= Topaz (novel) =

Novel by Leon Uris

First Edition (McGraw-Hill, 1967)

Topaz is a Cold War suspense novel by Leon Uris, published in 1967 by McGraw-Hill. The novel spent one week atop The New York Times Best Seller List (on the list dated October 15, 1967), and was Uris's first New York Times number-one bestseller since Exodus in 1959. During its 52-week run on the list, Topaz set two records in two weeks; those for largest positional jump to number-one (9–1) and largest positional fall from number-one (1–5).

==Overview==
On the eve of the Cuban Missile Crisis, American and French intelligence agents are plunged into a maze of Cold War intrigue. In Paris, 1962, French intelligence chief André Devereaux and NATO intelligence chief Michael Nordstrom have uncovered Soviet plans to ship nuclear arms to Cuba. But when Devereaux reports his findings and nobody acts—and he is targeted in an assassination attempt—he soon realizes he is tangled up in a plot far greater than he realized. The two agents, along with a small band of Cuban exiles and Soviet defectors, chase leads around the globe in a quest to save NATO, themselves, and perhaps the world itself.

==Film adaptation==

In 1969, Universal Pictures released Alfred Hitchcock's Topaz, based on the novel.

==Basis in fact==
Uris said that events in Topaz are based to a limited degree on the Martel affair, which involved a Soviet defector, Anatoliy Golitsyn, who indicated there were deep KGB penetrations within the French establishment. This was taking place during the Cuban Missile Crisis, and the actions of one French agent in gathering information in Cuba became swept up in the events. The agent, Philippe Thyraud de Vosjoli, became friends with Uris. Then United States President John F. Kennedy felt obligated, based on both politics and national security, to order an investigation into the matter.

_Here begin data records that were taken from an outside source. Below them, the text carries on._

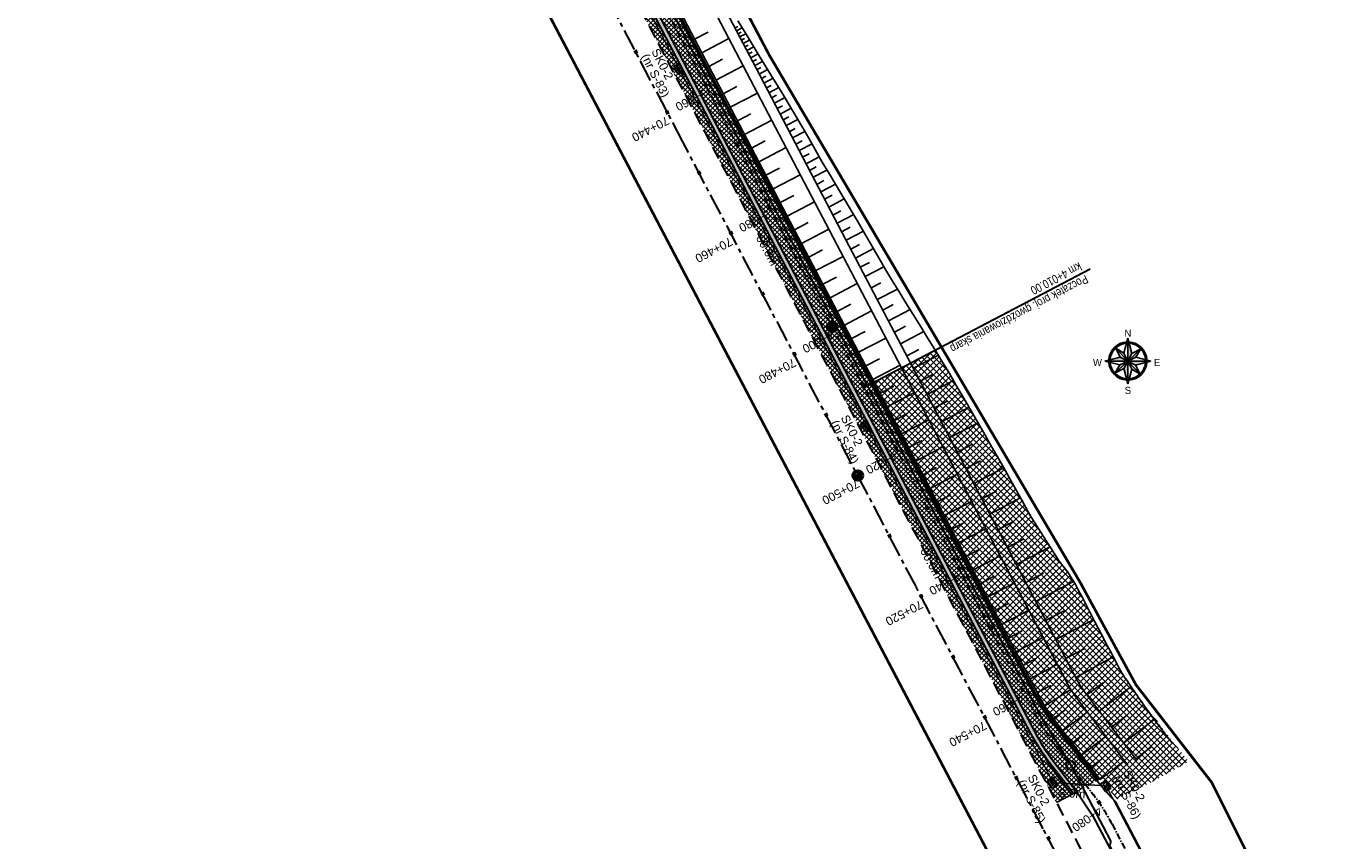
# Model space of a CAD drawing. Header units: metres. Extents: x 7529682 to 7533711, y 5721186 to 5727842.
# Tile 9 of 110: x 7531458 to 7531648, y 5724188 to 5724307. Entities that reach past the tile are written whole.
import ezdxf
from ezdxf.enums import TextEntityAlignment as Align

# ---------------------------------------------------------------- set-up
doc = ezdxf.new("R2010")
doc.units = ezdxf.units.M
for name, pattern in [('817-dzialki-09-05-04$0$HIDDEN', [0.375, 0.25, -0.125]), ('CENTER', [50.8, 31.75, -6.35, 6.35, -6.35]), ('HIDDEN', [9.525, 6.35, -3.175])]:
    doc.linetypes.add(name, pattern=pattern)
for name, color, linetype in [('C-DROGI-SYTUACJA-ETYKIETY', 7, 'Continuous'), ('D-hatch-pobocza', 131, 'Continuous'), ('D-pobocza', 7, 'Continuous'), ('D-skarpa', 7, 'Continuous'), ('D-skarpa-kreskowanie', 7, 'Continuous')]:
    doc.layers.add(name, color=color, linetype=linetype)
for name, color, linetype, lineweight, true_color in [('D-bariery', 7, 'FENCELINE2', 30, 0xff0f0f), ('D-hatch-ciag-pieszo-rowerowy', 7, 'Continuous', 13, 0xff9f80), ('D-hatch-gwozdziowanie', 7, 'Continuous', 13, 0xffc824), ('D-LR-etap-III', 7, '817-dzialki-09-05-04$0$HIDDEN', 50, 0xff1aff)]:
    doc.layers.add(name, color=color, linetype=linetype, lineweight=lineweight, true_color=true_color)
for name, color, linetype, lineweight in [('D-krawędzie', 7, 'Continuous', 30), ('D-obrzeża', 7, 'Continuous', 30), ('D-opisy', 7, 'Continuous', 30), ('D-oś', 10, 'CENTER', 30), ('D-ścieki', 7, 'Continuous', 30), ('PARSI', 252, 'Continuous', 13), ('Sieci-KD-proj', 2, 'KANDESZCZ_X2', 30), ('Sieci-T-kanal technologiczny', 4, 'kt kanał technologiczny', 30)]:
    doc.layers.add(name, color=color, linetype=linetype, lineweight=lineweight)
for name, color, linetype, true_color in [('D-opis-KT-dlugosci', 7, 'Continuous', 0xff8000), ('D-opis-KT-studnie', 7, 'Continuous', 0xff8000), ('poprzeczki', 7, 'Continuous', 0x0000c7)]:
    doc.layers.add(name, color=color, linetype=linetype, true_color=true_color)
doc.styles.add('2mm08', font='arial.ttf', dxfattribs={"width": 0.8})
doc.styles.add('ARIAL', font='arial.ttf', dxfattribs={"height": 1})
doc.styles.add('DIMTEXT', font='simplex.shx', dxfattribs={"width": 0.7})
doc.styles.add('North Arrow Text', font='txt', dxfattribs={"height": 0.1})
doc.styles.get("Standard").update_dxf_attribs({"font": 'arial.ttf'})
doc.linetypes.add('FENCELINE2', pattern='A,6.35,-2.54,[132,ltypeshp.shx,S=2.54,R=0,X=-2.54,Y=0],-2.54,25.4', length=36.83)
doc.linetypes.add('KANDESZCZ_X2', pattern='A,4.366477,-0.326302,["kd",DIMTEXT,S=1.28,R=0,X=0,Y=-0.405864],-2.036296,4.465198', length=11.194273)
doc.linetypes.add('kt kanał technologiczny', pattern='A,1,-0.8,["kt",Standard,S=0.5,R=0,X=-0.7,Y=-0.15],-0.3', length=2.1)
pattern_1 = [(45, (0, 0), (-0.33675960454, 0.33675960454), []), (135, (0, 0), (-0.33675960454, -0.33675960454), [])]

# ---------------------------------------------------------------- blocks, each defined once
blk = doc.blocks.new('KRZYZ')
at = {"layer": 'PARSI'}
for p, q in [((5, 0), (-5, 0)), ((0, -5), (0, 5))]:
    blk.add_line(p, q, dxfattribs=at)
blk = doc.blocks.new('orientacja')
at = {"layer": 'D-opisy', "lineweight": 25}
h = blk.add_hatch(color=256, dxfattribs=at)
h.paths.add_polyline_path([(6529063.97, 5548109.12), (6529063.97, 5548093.21), (6529066.73, 5548098.47)])
h.paths.add_polyline_path([(6529072.97, 5548101.66), (6529063.97, 5548093.21), (6529069.55, 5548095.88)])
h.paths.add_polyline_path([(6529079.89, 5548093.21), (6529063.97, 5548093.21), (6529069.23, 5548090.45)])
h.paths.add_polyline_path([(6529063.97, 5548093.21), (6529066.65, 5548087.63), (6529072.42, 5548084.21)])
h.paths.add_polyline_path([(6529063.97, 5548093.21), (6529061.21, 5548087.94), (6529063.97, 5548077.29)])
h.paths.add_polyline_path([(6529063.97, 5548093.21), (6529058.4, 5548090.53), (6529054.98, 5548084.75)])
h.paths.add_polyline_path([(6529058.71, 5548095.97), (6529048.06, 5548093.21), (6529063.97, 5548093.21)])
h.paths.add_polyline_path([(6529061.29, 5548098.78), (6529055.52, 5548102.2), (6529063.97, 5548093.21)])
for points in [[(6529063.97, 5548109.12), (6529061.29, 5548098.78)], [(6529063.97, 5548109.12), (6529063.97, 5548077.29)], [(6529063.97, 5548109.12), (6529066.73, 5548098.47)], [(6529052.23, 5548099.36), (6529053.04, 5548098.94)], [(6529063.97, 5548093.21), (6529054.89, 5548102.87)], [(6529055.52, 5548102.2), (6529058.71, 5548095.97)], [(6529055.52, 5548102.2), (6529061.29, 5548098.78)], [(6529061.29, 5548098.78), (6529063.97, 5548093.21)], [(6529063.97, 5548093.21), (6529073.64, 5548102.28)], [(6529066.73, 5548098.47), (6529063.97, 5548093.21)], [(6529072.97, 5548101.66), (6529066.73, 5548098.47)], [(6529072.97, 5548101.66), (6529069.55, 5548095.88)], [(6529075.92, 5548098.95), (6529075.1, 5548098.55)], [(6529048.06, 5548093.21), (6529058.71, 5548095.97)], [(6529079.89, 5548093.21), (6529048.06, 5548093.21)], [(6529048.06, 5548093.21), (6529058.4, 5548090.53)], [(6529063.97, 5548093.21), (6529054.31, 5548084.13)], [(6529054.98, 5548084.75), (6529058.4, 5548090.53)], [(6529058.4, 5548090.53), (6529063.97, 5548093.21)], [(6529058.71, 5548095.97), (6529063.97, 5548093.21)], [(6529063.97, 5548093.21), (6529061.21, 5548087.94)], [(6529069.55, 5548095.88), (6529063.97, 5548093.21)], [(6529063.97, 5548093.21), (6529073.05, 5548083.54)], [(6529063.97, 5548093.21), (6529069.23, 5548090.45)], [(6529063.97, 5548093.21), (6529066.65, 5548087.63)], [(6529079.89, 5548093.21), (6529069.23, 5548090.45)], [(6529072.42, 5548084.21), (6529069.23, 5548090.45)], [(6529079.89, 5548093.21), (6529069.55, 5548095.88)], [(6529052.02, 5548087.46), (6529052.85, 5548087.86)], [(6529054.98, 5548084.75), (6529061.21, 5548087.94)], [(6529063.97, 5548077.29), (6529061.21, 5548087.94)], [(6529063.97, 5548077.29), (6529066.65, 5548087.63)], [(6529065.76, 5548080.99), (6529065.89, 5548080.09)], [(6529072.42, 5548084.21), (6529066.65, 5548087.63)], [(6529069.32, 5548082.08), (6529069.72, 5548081.26)], [(6529074.9, 5548087.47), (6529075.71, 5548087.05)]]:
    blk.add_lwpolyline(points, dxfattribs=at)
for radius, start, end in [(13.26, 92.99502, 177.00498), (12.34, 94.34345, 175.65655), (13.26, 2.99502, 87.00498), (12.34, 4.34345, 85.65655), (13.26, 182.99502, 267.00498), (12.34, 184.34345, 265.65655), (13.26, 272.99502, 357.00498), (12.34, 274.34345, 355.65655)]:
    blk.add_arc((6529063.97, 5548093.21), radius, start, end, dxfattribs=at)
at = {"layer": 'D-opisy', "lineweight": 25, "xscale": 0.6489600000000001, "yscale": 0.6489600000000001, "zscale": 0.6489600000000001, "rotation": 306.822681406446}
blk.add_blockref('KRZYZ', (6529063.97, 5548093.21), dxfattribs=at)
at = {"layer": 'D-opisy', "lineweight": 25, "style": 'North Arrow Text'}
for s, p in [('N', (6529063.97, 5548108.61)), ('W', (6529042.87, 5548088.29)), ('E', (6529084.28, 5548088.29)), ('S', (6529063.97, 5548068.88))]:
    blk.add_text(s, height=4.96, dxfattribs=at).set_placement(p, align=Align.BOTTOM_CENTER)
blk = doc.blocks.new('kilometraz')
at = {"linetype": 'ByBlock', "lineweight": -2}
blk.add_hatch(color=0, dxfattribs=at).paths.add_polyline_path([(0, -0.28125, 0.41421356), (0.28125, 0, 0.41421356), (0, 0.28125)])
at = {"color": 0, "linetype": 'ByBlock', "lineweight": -2}
blk.add_line((0, 0.28125), (0, -0.28125), dxfattribs=at)
blk.add_circle((0, 0), 0.28125, dxfattribs=at)
blk = doc.blocks.new('AeccTickLine')
at = {"color": 0, "linetype": 'ByBlock', "lineweight": -2}
blk.add_line((0, 1), (0, -1), dxfattribs=at)
blk = doc.blocks.new('SKR2')
at = {"layer": 'Sieci-T-kanal technologiczny', "color": 2, "lineweight": 25}
for points in [[(0.03, -0.19), (0.96, -1.15), (0.28, -1.81), (-0.65, -0.84)], [(-0.04, -0.54), (0.61, -1.21), (0.23, -1.57), (-0.41, -0.9)]]:
    blk.add_lwpolyline(points, close=True, dxfattribs=at)
blk.add_lwpolyline([(-0.09, -1.23), (0.28, -0.87)], dxfattribs=at)

msp = doc.modelspace()

# ---------------------------------------------------------------- hatches: boundary and pattern name
at = {"layer": 'D-hatch-ciag-pieszo-rowerowy'}
h = msp.add_hatch(dxfattribs=at)
h.set_pattern_fill('ANSI37', color=256, scale=0.15, style=0)
h.set_pattern_definition(pattern_1)
edge = h.paths.add_edge_path()
edge.add_line((7531514.42, 5724387.62), (7531511.98, 5724387.01))
edge.add_line((7531511.98, 5724387.01), (7531515.04, 5724377.85))
edge.add_arc((7531562.47, 5724393.69), 50, 198.4721, 207.6663)
edge.add_line((7531518.18, 5724370.48), (7531533.76, 5724340.76))
edge.add_line((7531533.76, 5724340.76), (7531559, 5724292.59))
edge.add_line((7531559, 5724292.59), (7531560.26, 5724290.18))
edge.add_line((7531560.26, 5724290.18), (7531563.06, 5724290.22))
edge.add_line((7531563.06, 5724290.22), (7531559.09, 5724297.8))
edge.add_line((7531559.09, 5724297.8), (7531533.85, 5724345.97))
edge.add_line((7531533.85, 5724345.97), (7531520.49, 5724371.45))
edge.add_arc((7531564.78, 5724394.67), 50, 198.4721, 207.6663, ccw=False)
edge.add_line((7531517.35, 5724378.82), (7531514.42, 5724387.62))
h = msp.add_hatch(dxfattribs=at)
h.set_pattern_fill('ANSI37', color=256, scale=0.15, style=0)
h.set_pattern_definition(pattern_1)
edge = h.paths.add_edge_path()
edge.add_line((7531611.85, 5724194.89), (7531614.79, 5724196.44))
edge.add_line((7531614.79, 5724196.44), (7531608.23, 5724205.01))
edge.add_arc((7531630.06, 5724221.73), 27.5, 207.7246, 217.4424, ccw=False)
edge.add_line((7531605.72, 5724208.93), (7531593.24, 5724232.69))
edge.add_line((7531593.24, 5724232.69), (7531571.71, 5724273.71))
edge.add_line((7531571.71, 5724273.71), (7531563.06, 5724290.22))
edge.add_line((7531563.06, 5724290.22), (7531560.26, 5724290.18))
edge.add_line((7531560.26, 5724290.18), (7531571.62, 5724268.51))
edge.add_line((7531571.62, 5724268.51), (7531593.15, 5724227.48))
edge.add_line((7531593.15, 5724227.48), (7531605.63, 5724203.72))
edge.add_arc((7531632.19, 5724217.68), 30, 207.7246, 217.4424)
edge.add_line((7531608.37, 5724199.44), (7531611.85, 5724194.89))
at = {"layer": 'D-hatch-gwozdziowanie'}
h = msp.add_hatch(dxfattribs=at)
h.set_pattern_fill('ANSI37', color=256, scale=0.2, style=0)
h.set_pattern_definition([(45, (0, 0), (-0.449012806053, 0.449012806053), []), (135, (0, 0), (-0.449012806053, -0.449012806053), [])])
h.paths.add_polyline_path([(7531593.98, 5724254.72), (7531591.08, 5724259.56), (7531582.16, 5724254.88), (7531586.45, 5724246.69), (7531590.82, 5724238.37), (7531594.88, 5724230.64), (7531599.23, 5724222.37), (7531603.59, 5724214.07), (7531606.78, 5724208.06), (7531607.58, 5724206.78), (7531609.24, 5724204.51), (7531617.71, 5724193.81), (7531622.98, 5724196.43), (7531628.18, 5724199.27), (7531620.5, 5724209.22), (7531618.49, 5724212.19), (7531616.98, 5724215), (7531614.57, 5724219.61), (7531611.35, 5724225.68), (7531610.49, 5724227.04), (7531609.26, 5724228.65), (7531606.08, 5724233.67), (7531600.64, 5724243.17), (7531595.33, 5724252.4)])
at = {"layer": 'D-hatch-pobocza'}
h = msp.add_hatch(dxfattribs=at)
h.set_pattern_fill('ANSI37', color=256, scale=0.15, style=0)
h.set_pattern_definition(pattern_1)
h.paths.add_polyline_path([(7531607.89, 5724199.07, -0.042427), (7531605.1, 5724203.44), (7531592.62, 5724227.2), (7531571.09, 5724268.23), (7531558.47, 5724292.31), (7531533.23, 5724340.48), (7531517.65, 5724370.2), (7531516.43, 5724369.56), (7531531.9, 5724339.93), (7531557.23, 5724291.66), (7531569.85, 5724267.58), (7531591.38, 5724226.55), (7531608.84, 5724193.31), (7531611.31, 5724194.61)])
at = {"layer": 'D-ścieki', "linetype": 'ByBlock', "true_color": 0x00cccc}
h = msp.add_hatch(color=132, dxfattribs=at)
edge = h.paths.add_edge_path()
edge.add_line((7531611.37, 5724194.53), (7531611.85, 5724194.89))
edge.add_line((7531611.85, 5724194.89), (7531608.37, 5724199.44))
edge.add_arc((7531632.19, 5724217.68), 30, 207.7246, 217.4424, ccw=False)
edge.add_line((7531605.63, 5724203.72), (7531593.15, 5724227.48))
edge.add_line((7531593.15, 5724227.48), (7531571.62, 5724268.51))
edge.add_line((7531571.62, 5724268.51), (7531559, 5724292.59))
edge.add_line((7531559, 5724292.59), (7531533.76, 5724340.76))
edge.add_line((7531533.76, 5724340.76), (7531518.18, 5724370.48))
edge.add_arc((7531562.47, 5724393.69), 50, 198.4721, 207.6663, ccw=False)
edge.add_line((7531515.04, 5724377.85), (7531511.28, 5724389.1))
edge.add_line((7531511.28, 5724389.1), (7531506.47, 5724397.34))
edge.add_line((7531506.47, 5724397.34), (7531505.95, 5724397.03))
edge.add_line((7531505.95, 5724397.03), (7531510.73, 5724388.85))
edge.add_line((7531510.73, 5724388.85), (7531514.47, 5724377.66))
edge.add_arc((7531562.47, 5724393.69), 50.6, 198.4721, 207.6663)
edge.add_line((7531517.65, 5724370.2), (7531533.23, 5724340.48))
edge.add_line((7531533.23, 5724340.48), (7531558.47, 5724292.31))
edge.add_line((7531558.47, 5724292.31), (7531571.09, 5724268.23))
edge.add_line((7531571.09, 5724268.23), (7531592.62, 5724227.2))
edge.add_line((7531592.62, 5724227.2), (7531605.1, 5724203.44))
edge.add_arc((7531632.19, 5724217.68), 30.6, 207.7246, 217.4424)
edge.add_line((7531607.89, 5724199.07), (7531611.37, 5724194.53))

# ---------------------------------------------------------------- linework, layer by layer
at = {"layer": 'D-bariery', "ltscale": 0.05, "flags": 128}
for points in [[(7531615.02, 5724196.55), (7531608.43, 5724205.16, -0.042427), (7531605.94, 5724209.05), (7531593.46, 5724232.8), (7531571.93, 5724273.83), (7531559.31, 5724297.91), (7531534.07, 5724346.08), (7531521.2, 5724370.64)], [(7531607.36, 5724199.49, -0.043067), (7531608.04, 5724198.55), (7531611.06, 5724194.48)]]:
    msp.add_lwpolyline(points, format="xyb", dxfattribs=at)
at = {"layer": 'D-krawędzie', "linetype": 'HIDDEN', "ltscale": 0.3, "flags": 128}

However, in 1968, French President Charles de Gaulle strongly denied that there was any basis in truth, saying the allegation that a Soviet spy had been a high-ranking official in France was "completely ridiculous and the highest absurdity."

In 1969, Thyraud de Vosjoli sued Uris for breach of contract, to get what he claimed were $450,000 in royalties, and the case went to trial in December 1971. On February 9, 1972, the court ruled Uris liable, and awarded the Plaintiff over $350,000 in damages. The total amount awarded was $352,350, for 1/2 of the royalties earned for Topaz, between the book and the film.